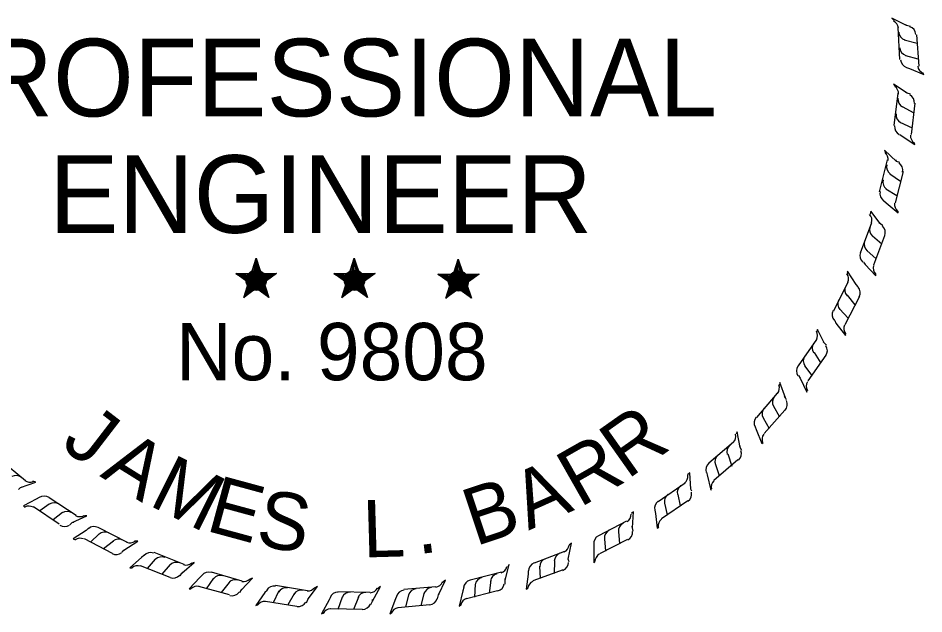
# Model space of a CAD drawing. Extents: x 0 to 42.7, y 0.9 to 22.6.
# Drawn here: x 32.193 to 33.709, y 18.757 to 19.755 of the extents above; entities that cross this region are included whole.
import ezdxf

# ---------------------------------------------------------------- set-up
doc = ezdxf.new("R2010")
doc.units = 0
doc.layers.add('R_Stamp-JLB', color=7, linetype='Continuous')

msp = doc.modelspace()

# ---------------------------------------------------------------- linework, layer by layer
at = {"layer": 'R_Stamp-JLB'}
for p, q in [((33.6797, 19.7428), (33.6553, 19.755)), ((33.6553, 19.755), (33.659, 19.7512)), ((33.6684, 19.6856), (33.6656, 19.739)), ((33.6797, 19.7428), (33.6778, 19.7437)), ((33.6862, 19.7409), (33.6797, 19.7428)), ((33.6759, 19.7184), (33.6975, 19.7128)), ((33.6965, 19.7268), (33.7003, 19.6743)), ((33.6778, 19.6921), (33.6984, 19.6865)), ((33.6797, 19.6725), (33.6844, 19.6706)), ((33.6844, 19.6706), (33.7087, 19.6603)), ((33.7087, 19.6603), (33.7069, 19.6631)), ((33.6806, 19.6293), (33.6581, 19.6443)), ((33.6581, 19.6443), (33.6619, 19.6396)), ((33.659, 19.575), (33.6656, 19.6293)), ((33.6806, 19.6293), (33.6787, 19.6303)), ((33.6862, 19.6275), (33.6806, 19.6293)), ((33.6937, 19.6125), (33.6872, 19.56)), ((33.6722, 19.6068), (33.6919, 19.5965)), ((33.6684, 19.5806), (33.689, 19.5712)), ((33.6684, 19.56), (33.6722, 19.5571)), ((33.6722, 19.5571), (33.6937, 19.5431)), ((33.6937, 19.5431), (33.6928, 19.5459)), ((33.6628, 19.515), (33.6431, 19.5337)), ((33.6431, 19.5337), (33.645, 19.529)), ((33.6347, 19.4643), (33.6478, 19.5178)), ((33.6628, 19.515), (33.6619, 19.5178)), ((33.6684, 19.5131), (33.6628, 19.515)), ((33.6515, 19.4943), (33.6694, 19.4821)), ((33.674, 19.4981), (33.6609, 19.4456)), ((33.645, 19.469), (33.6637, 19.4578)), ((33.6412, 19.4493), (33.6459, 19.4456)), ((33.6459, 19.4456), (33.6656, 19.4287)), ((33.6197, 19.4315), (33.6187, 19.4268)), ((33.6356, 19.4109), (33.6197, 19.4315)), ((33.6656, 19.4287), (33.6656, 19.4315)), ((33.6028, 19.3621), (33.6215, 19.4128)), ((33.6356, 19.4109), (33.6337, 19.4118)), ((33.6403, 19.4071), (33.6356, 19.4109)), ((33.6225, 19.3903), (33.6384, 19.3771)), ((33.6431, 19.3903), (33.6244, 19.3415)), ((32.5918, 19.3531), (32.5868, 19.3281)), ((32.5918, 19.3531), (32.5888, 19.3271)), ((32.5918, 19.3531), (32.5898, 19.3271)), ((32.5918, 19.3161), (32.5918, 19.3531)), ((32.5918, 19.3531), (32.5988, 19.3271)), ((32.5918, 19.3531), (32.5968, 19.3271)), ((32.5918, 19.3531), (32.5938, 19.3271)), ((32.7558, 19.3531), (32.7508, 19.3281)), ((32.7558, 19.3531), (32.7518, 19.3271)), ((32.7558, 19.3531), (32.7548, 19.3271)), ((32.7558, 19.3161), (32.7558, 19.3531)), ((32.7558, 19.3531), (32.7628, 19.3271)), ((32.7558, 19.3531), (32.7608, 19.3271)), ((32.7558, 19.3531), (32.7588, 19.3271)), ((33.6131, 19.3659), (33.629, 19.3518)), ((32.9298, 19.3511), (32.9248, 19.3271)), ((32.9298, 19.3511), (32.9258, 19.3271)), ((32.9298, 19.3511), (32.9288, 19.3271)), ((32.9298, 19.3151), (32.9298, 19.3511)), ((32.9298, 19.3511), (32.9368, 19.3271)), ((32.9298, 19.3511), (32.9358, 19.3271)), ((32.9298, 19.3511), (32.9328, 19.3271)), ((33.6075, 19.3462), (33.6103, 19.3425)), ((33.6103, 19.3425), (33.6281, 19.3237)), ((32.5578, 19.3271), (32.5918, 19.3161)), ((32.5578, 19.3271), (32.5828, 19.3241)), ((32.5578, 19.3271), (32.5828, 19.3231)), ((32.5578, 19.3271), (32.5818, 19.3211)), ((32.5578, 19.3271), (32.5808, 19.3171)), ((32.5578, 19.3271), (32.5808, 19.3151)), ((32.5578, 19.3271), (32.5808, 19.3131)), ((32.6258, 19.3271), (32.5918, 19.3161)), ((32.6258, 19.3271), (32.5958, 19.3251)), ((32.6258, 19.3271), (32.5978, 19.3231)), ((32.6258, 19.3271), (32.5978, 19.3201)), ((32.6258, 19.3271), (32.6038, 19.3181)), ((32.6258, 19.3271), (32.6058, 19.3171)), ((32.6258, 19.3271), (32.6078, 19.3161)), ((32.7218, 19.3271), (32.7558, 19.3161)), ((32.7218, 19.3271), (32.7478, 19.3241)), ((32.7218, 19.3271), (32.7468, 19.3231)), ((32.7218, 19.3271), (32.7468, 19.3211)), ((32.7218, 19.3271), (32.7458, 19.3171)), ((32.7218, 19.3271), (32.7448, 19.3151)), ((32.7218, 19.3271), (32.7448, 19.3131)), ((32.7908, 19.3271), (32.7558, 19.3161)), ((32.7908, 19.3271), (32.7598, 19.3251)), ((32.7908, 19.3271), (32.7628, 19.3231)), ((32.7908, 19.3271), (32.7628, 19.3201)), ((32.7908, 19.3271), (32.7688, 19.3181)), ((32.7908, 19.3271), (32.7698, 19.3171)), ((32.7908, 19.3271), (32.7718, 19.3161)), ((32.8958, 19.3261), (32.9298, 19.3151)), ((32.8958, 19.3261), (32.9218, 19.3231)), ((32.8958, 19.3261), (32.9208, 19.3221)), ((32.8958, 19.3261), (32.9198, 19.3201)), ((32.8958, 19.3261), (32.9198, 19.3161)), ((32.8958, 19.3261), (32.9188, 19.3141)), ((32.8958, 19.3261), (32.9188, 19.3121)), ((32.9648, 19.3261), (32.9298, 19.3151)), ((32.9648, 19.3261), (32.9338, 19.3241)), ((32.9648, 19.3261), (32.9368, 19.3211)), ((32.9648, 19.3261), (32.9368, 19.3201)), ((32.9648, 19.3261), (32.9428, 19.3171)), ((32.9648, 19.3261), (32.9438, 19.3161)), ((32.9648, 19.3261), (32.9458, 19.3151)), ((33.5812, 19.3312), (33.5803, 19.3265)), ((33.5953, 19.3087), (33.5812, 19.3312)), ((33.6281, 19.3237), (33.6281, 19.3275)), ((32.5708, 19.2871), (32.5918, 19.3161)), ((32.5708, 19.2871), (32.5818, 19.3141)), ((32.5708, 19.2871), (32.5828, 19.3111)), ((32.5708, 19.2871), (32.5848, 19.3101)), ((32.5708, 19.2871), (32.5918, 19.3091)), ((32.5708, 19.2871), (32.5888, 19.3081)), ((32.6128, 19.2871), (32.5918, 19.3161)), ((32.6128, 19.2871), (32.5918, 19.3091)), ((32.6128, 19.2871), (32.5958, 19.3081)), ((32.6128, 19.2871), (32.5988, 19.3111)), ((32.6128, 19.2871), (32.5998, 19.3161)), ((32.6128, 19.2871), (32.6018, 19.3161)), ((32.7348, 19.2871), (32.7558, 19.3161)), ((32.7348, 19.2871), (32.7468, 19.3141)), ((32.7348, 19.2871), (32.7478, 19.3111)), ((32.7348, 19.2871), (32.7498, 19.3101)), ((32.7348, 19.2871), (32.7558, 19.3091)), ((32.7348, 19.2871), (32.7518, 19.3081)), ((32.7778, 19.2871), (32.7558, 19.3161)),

* * * * * * *

EXERCISE GOAL >>
Out of the entries above, write out only the lines between the line holding "# Drawn here: x" and the line holding "doc.units = 0", inclusive, each exactly as given.

EXERCISE RESPONSE >>
# Drawn here: x 32.193 to 33.709, y 18.757 to 19.755 of the extents above; entities that cross this region are included whole.
import ezdxf

# ---------------------------------------------------------------- set-up
doc = ezdxf.new("R2010")
doc.units = 0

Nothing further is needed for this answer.